§ Work request: Output only the lines below that start at the line containing "#755 = CARTESIAN_POINT" and end at the line containing "#945 = EDGE_CURVE", with both ends kept.

══ Records provided ══

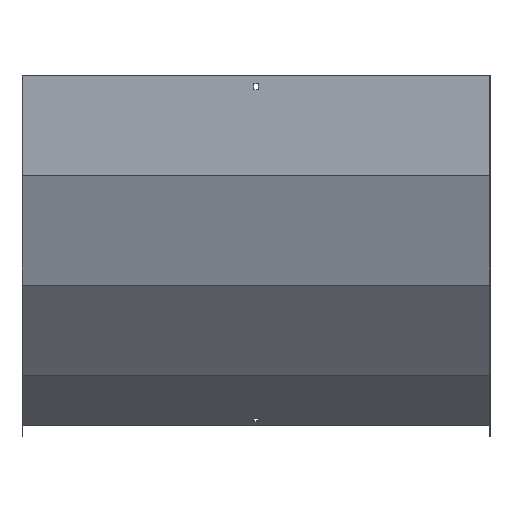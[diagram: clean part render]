
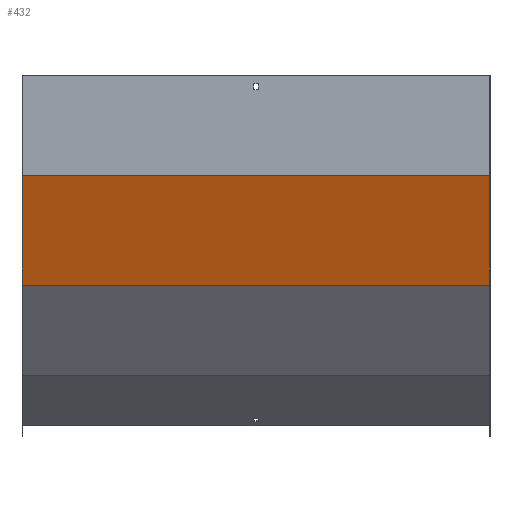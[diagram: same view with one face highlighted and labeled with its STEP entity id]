
A CAD part, front view. The second image highlights one B-rep face of the part: STEP entity #432.
In plain terms, the highlighted planar face has unit normal (0, -0.94, -0.342).
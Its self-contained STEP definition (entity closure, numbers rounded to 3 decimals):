
#7 = ORIENTED_EDGE ( 'NONE', *, *, #748, .T. ) ;
#9 = LINE ( 'NONE', #922, #405 ) ;
#17 = CARTESIAN_POINT ( 'NONE',  ( 350., -49.554, -18.036 ) ) ;
#65 = CARTESIAN_POINT ( 'NONE',  ( 351.5, -1.41, -150.313 ) ) ;
#181 = VERTEX_POINT ( 'NONE', #818 ) ;
#216 = CARTESIAN_POINT ( 'NONE',  ( -350., -49.554, -18.036 ) ) ;
#217 = VECTOR ( 'NONE', #614, 1000. ) ;
#247 = DIRECTION ( 'NONE',  ( -1., 0., 0. ) ) ;
#320 = VECTOR ( 'NONE', #325, 1000. ) ;
#321 = VECTOR ( 'NONE', #736, 1000. ) ;
#325 = DIRECTION ( 'NONE',  ( 0., 0.342, -0.94 ) ) ;
#329 = ORIENTED_EDGE ( 'NONE', *, *, #918, .F. ) ;
#380 = DIRECTION ( 'NONE',  ( 0., -0.342, 0.94 ) ) ;
#405 = VECTOR ( 'NONE', #247, 1000. ) ;
#410 = LINE ( 'NONE', #552, #321 ) ;
#412 = VERTEX_POINT ( 'NONE', #755 ) ;
#432 = ADVANCED_FACE ( 'NONE', ( #830 ), #765, .F. ) ;
#437 = ORIENTED_EDGE ( 'NONE', *, *, #983, .T. ) ;
#491 = VERTEX_POINT ( 'NONE', #912 ) ;
#552 = CARTESIAN_POINT ( 'NONE',  ( 351.5, -1.5, -150.064 ) ) ;
#614 = DIRECTION ( 'NONE',  ( 0., 0.342, -0.94 ) ) ;
#633 = LINE ( 'NONE', #17, #320 ) ;
#641 = VERTEX_POINT ( 'NONE', #848 ) ;
#651 = EDGE_LOOP ( 'NONE', ( #7, #807, #329, #437 ) ) ;
#681 = LINE ( 'NONE', #216, #217 ) ;
#685 = DIRECTION ( 'NONE',  ( 0., 0.94, 0.342 ) ) ;
#736 = DIRECTION ( 'NONE',  ( -1., 0., 0. ) ) ;
#748 = EDGE_CURVE ( 'NONE', #181, #641, #681, .T. ) ;
#755 = CARTESIAN_POINT ( 'NONE',  ( 350., -1.5, -150.064 ) ) ;
#765 = PLANE ( 'NONE',  #814 ) ;
#807 = ORIENTED_EDGE ( 'NONE', *, *, #945, .F. ) ;
#814 = AXIS2_PLACEMENT_3D ( 'NONE', #65, #685, #380 ) ;
#818 = CARTESIAN_POINT ( 'NONE',  ( -350., -1.5, -150.064 ) ) ;
#830 = FACE_OUTER_BOUND ( 'NONE', #651, .T. ) ;
#848 = CARTESIAN_POINT ( 'NONE',  ( -350., 58.842, -315.854 ) ) ;
#912 = CARTESIAN_POINT ( 'NONE',  ( 350., 58.842, -315.854 ) ) ;
#918 = EDGE_CURVE ( 'NONE', #412, #491, #633, .T. ) ;
#922 = CARTESIAN_POINT ( 'NONE',  ( 351.5, 58.842, -315.854 ) ) ;
#945 = EDGE_CURVE ( 'NONE', #491, #641, #9, .T. ) ;
#983 = EDGE_CURVE ( 'NONE', #412, #181, #410, .T. ) ;

═══

§ Output for this exercise:
#755 = CARTESIAN_POINT ( 'NONE',  ( 350., -1.5, -150.064 ) ) ;
#765 = PLANE ( 'NONE',  #814 ) ;
#807 = ORIENTED_EDGE ( 'NONE', *, *, #945, .F. ) ;
#814 = AXIS2_PLACEMENT_3D ( 'NONE', #65, #685, #380 ) ;
#818 = CARTESIAN_POINT ( 'NONE',  ( -350., -1.5, -150.064 ) ) ;
#830 = FACE_OUTER_BOUND ( 'NONE', #651, .T. ) ;
#848 = CARTESIAN_POINT ( 'NONE',  ( -350., 58.842, -315.854 ) ) ;
#912 = CARTESIAN_POINT ( 'NONE',  ( 350., 58.842, -315.854 ) ) ;
#918 = EDGE_CURVE ( 'NONE', #412, #491, #633, .T. ) ;
#922 = CARTESIAN_POINT ( 'NONE',  ( 351.5, 58.842, -315.854 ) ) ;
#945 = EDGE_CURVE ( 'NONE', #491, #641, #9, .T. ) ;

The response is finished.